● **PROBLEM REQUIREMENTS**:
In the entries below, find each line with the word "highlighted" and pull it out.
________
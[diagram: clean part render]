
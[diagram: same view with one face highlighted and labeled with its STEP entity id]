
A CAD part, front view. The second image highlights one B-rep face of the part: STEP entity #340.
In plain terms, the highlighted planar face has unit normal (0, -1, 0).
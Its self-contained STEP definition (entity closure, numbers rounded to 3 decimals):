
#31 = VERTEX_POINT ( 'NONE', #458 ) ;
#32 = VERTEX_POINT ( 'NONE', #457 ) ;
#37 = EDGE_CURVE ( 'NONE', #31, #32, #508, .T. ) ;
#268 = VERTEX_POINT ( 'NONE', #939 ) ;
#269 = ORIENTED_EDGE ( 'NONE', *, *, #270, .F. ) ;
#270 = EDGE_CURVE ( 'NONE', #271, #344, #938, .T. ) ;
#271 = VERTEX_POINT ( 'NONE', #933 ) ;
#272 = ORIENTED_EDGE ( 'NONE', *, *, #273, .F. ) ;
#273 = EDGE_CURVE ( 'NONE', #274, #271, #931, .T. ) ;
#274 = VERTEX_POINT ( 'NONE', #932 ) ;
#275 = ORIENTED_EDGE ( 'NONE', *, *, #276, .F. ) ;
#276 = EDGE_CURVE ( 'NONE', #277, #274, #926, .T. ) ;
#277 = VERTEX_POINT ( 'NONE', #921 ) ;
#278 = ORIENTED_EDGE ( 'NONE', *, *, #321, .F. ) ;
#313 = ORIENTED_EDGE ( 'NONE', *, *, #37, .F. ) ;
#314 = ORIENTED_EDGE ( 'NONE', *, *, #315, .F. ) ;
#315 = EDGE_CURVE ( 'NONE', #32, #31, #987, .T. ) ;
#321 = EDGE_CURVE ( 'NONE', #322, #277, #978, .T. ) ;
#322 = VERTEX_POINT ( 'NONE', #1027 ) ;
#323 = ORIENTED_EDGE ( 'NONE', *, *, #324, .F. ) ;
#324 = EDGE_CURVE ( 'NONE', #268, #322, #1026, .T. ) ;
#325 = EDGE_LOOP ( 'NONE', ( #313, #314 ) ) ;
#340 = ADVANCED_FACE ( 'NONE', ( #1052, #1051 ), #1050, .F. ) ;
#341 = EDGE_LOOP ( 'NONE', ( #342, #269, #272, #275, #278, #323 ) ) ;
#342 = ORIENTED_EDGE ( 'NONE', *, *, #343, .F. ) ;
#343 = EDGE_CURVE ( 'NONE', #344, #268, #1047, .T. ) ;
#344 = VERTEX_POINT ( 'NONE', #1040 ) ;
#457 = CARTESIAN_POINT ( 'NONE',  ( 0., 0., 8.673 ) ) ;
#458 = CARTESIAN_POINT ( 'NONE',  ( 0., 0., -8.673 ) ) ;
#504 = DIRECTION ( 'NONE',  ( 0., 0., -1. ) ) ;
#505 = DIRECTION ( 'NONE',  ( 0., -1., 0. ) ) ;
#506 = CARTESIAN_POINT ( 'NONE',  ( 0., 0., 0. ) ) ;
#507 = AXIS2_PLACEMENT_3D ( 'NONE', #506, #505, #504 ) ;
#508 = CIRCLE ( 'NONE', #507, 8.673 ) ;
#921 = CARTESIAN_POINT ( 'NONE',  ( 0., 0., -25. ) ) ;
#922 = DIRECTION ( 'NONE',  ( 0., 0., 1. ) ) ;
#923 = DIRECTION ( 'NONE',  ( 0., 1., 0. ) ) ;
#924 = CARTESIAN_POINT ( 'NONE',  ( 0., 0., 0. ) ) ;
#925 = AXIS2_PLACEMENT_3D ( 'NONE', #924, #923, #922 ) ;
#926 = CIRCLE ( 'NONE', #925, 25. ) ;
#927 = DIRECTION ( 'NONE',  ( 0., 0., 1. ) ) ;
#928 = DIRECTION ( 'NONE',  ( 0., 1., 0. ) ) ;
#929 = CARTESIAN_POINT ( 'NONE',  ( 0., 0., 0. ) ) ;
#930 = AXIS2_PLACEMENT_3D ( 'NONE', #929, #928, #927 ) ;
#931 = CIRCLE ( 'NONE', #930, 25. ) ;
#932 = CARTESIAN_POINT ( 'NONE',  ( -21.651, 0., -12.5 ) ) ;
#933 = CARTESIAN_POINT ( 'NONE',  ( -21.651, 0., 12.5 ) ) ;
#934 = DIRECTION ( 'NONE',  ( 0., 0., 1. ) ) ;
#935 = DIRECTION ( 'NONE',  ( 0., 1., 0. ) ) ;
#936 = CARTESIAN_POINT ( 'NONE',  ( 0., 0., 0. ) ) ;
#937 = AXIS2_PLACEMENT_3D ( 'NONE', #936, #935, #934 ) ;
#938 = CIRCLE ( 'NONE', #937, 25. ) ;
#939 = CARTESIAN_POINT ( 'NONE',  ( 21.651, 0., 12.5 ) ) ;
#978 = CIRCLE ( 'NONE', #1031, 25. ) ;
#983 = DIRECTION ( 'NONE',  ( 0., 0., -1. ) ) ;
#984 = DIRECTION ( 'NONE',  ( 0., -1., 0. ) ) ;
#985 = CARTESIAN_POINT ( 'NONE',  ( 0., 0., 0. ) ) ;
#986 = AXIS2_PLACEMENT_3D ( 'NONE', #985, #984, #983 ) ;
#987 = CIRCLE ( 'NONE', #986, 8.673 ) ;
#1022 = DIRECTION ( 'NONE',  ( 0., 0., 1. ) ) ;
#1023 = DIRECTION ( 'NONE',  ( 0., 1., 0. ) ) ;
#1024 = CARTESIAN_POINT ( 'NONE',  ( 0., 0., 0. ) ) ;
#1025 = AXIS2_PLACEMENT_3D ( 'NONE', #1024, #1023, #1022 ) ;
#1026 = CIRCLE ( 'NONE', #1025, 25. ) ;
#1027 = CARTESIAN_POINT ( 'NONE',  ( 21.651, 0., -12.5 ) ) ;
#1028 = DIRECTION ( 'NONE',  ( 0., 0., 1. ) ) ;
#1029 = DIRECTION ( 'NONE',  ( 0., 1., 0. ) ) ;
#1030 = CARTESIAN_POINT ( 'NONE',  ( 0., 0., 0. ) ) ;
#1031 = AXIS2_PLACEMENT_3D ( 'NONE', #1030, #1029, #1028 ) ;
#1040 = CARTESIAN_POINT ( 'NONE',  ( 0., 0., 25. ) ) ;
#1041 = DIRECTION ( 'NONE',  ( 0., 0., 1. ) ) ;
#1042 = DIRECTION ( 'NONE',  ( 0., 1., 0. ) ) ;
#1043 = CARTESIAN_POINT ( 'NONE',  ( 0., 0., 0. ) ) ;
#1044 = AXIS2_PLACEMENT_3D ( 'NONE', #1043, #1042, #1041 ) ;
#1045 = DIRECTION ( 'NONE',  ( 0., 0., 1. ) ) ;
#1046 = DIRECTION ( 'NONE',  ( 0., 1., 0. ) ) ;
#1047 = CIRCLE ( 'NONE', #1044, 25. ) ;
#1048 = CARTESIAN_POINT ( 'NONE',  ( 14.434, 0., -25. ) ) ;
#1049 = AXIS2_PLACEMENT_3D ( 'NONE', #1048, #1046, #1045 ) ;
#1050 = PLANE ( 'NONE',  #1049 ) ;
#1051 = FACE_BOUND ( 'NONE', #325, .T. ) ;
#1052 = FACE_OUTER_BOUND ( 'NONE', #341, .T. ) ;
________
● **ANSWER SPACE**:
[diagram: same view with one face highlighted and labeled with its STEP entity id]
In plain terms, the highlighted planar face has unit normal (0, -1, 0).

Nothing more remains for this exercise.